- [DIRECTIONS]
Please return every line in the entries below with the word "Transmission" in it.

[Stored entries]
▽
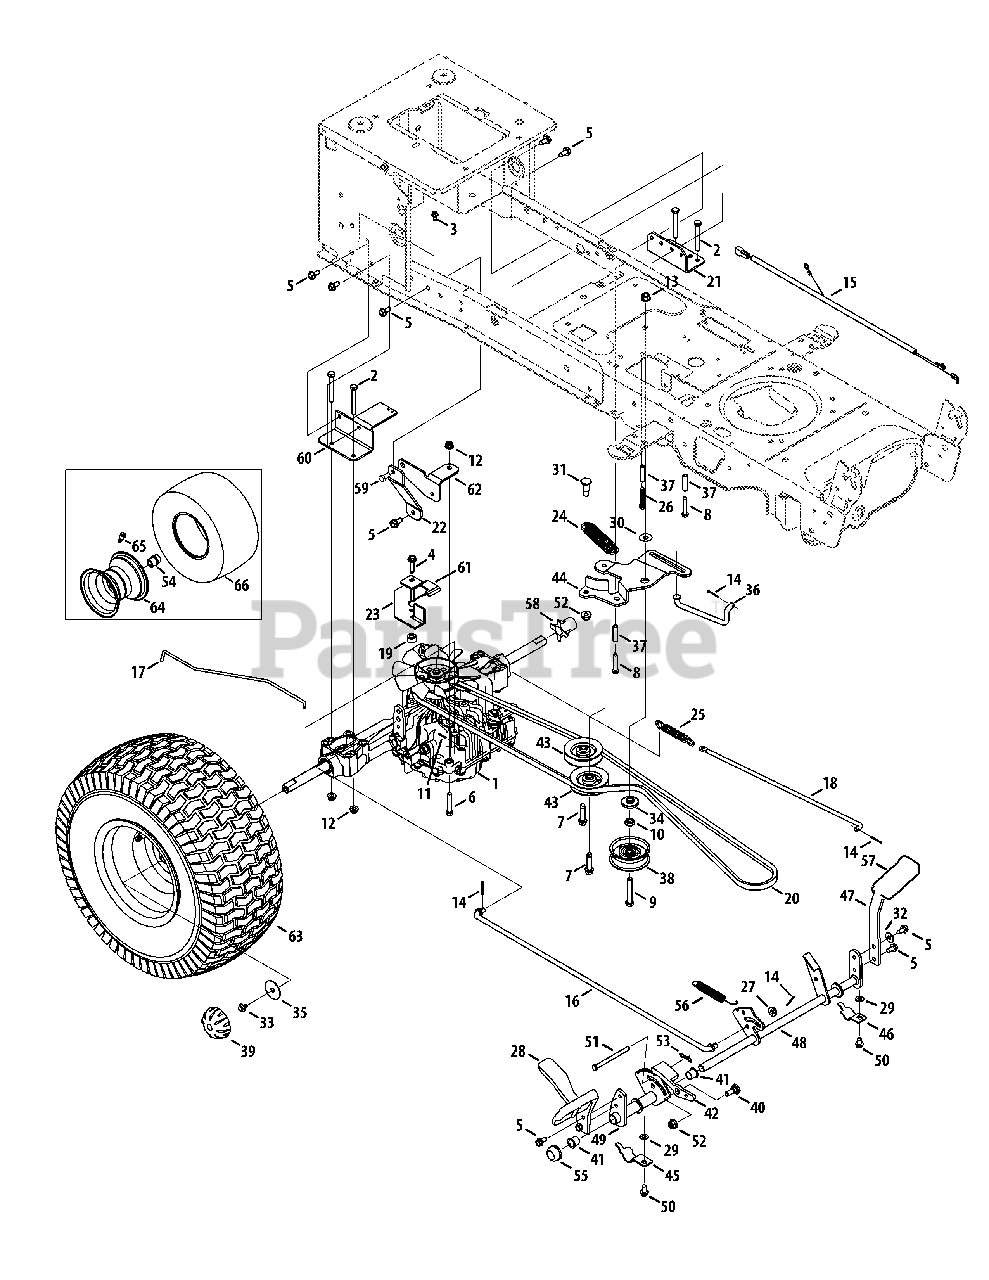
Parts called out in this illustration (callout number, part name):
1	Transmission, Tuff Torq K46
2	Hex Screw, 5/16-18, 2.50, Gr5, Std
3	Screw, Self-tapping, 1/4-20, 0.500
4	Screw, Self-tapping, 5/16-18, 1.250
5	Screw, Self-tapping, 5/16-18, .750
6	Hex Screw, 5/16-18, 1.75, Gr5
7	Screw, Self-tapping, 3/8-16, 1.500
8	Screw, Self-tapping, 1/4-20, 1.625
9	Hex Screw, 3/8-16, 2.25, Gr5
10	Nut, Jam, 7/16-20, Gr2
11	Pin, Cotter, 3/32, 1.0
12	Nut, Flange Lock, 5/16-18, Nylon
13	Nut, Flange Lock, 3/8-16
14	Pin, Cotter, 3/32, 1.0
15	Jumper Harness, Ground & Reverse
16	Rod, Control, Tuff-Torq
17	Rod, Hydro Bypass
18	Rod, Brake, NX9 Tuff-Torq
19	Spacer, .330 x .715 x .430
20	Belt, V-Type
21	Bracket, Mount, Tuff-Torq
22	Bracket, NX9 Tuff Torq
23	Bracket, Belt Keeper
24	Spring, Extension, 1.00 Dia x 4.75
25	Spring, Extension, .59 Od x 4.00
26	Screw, Self-tapping, 1/4-20 x 1.75
27	Washer, Flat, .375 x .738 x .063
28	Control Pedal
29	Washer, Flat, .344 x .688 x .065
30	Wash, Flat, .385 x 1.00 x .030
31	Scr, Shldr, .50 x .685 3/8-16
32	Washer, Bell, .340 x .872 x .060
33	Screw, 5/16-24 x .750
34	Spacer, Shoulder, 1.375 x .380 x .183
35	Washer, Flat, .350 x 1.59 x .062
36	Rod, Transmission, Bypass
37	Spacer, .260 x .372 x 1.420
38	Pulley, Idler, Flat 2.75 OD
39	Cap, Hub
40	Bolt, Shoulder, .500 x .270, 3/8-16
41	Bearing, Flange, .630 x .695 x .60
42	Latch, Cruise
43	Pulley, Idler, V-Type x 3.06
44	Bracket, Idler, Center Double
45	Bracket, Support, Pedal Strap
46	Bracket, Support, Pedal Strap 5/8
47	Bracket, Pedal, Brake
48	Control Assembly, Brake
49	Bracket Assembly, Pedal, Hydro
50	Screw, Self-tapping, 5/16-18, 0.625,
51	Pin, Clevis, 5/16 x 3.985
52	Nut, Flange Lock, 3/8-16, Nylon
53	Pin, Cotter, Bow-Tie 72
54	Axle Hub
55	Cap, Push 5/8
56	Spring, Extension, .63 Dia x 4.95
57	Pad, Pedal, Brake
58	Sleeve, .765 Id x 1.500
59	Hex Cap Screw, 3/8-16 x .75
60	Bracket, Mount
61	Bracket, Belt
62	Bracket, Support
63	Wheel Assembly
64	Rim Assembly, Bead
65	Tubeless Air Valve
66	Tire, 20 x 8 x 8
△
- [SOLUTION TO THE PROBLEM]
1	Transmission, Tuff Torq K46
36	Rod, Transmission, Bypass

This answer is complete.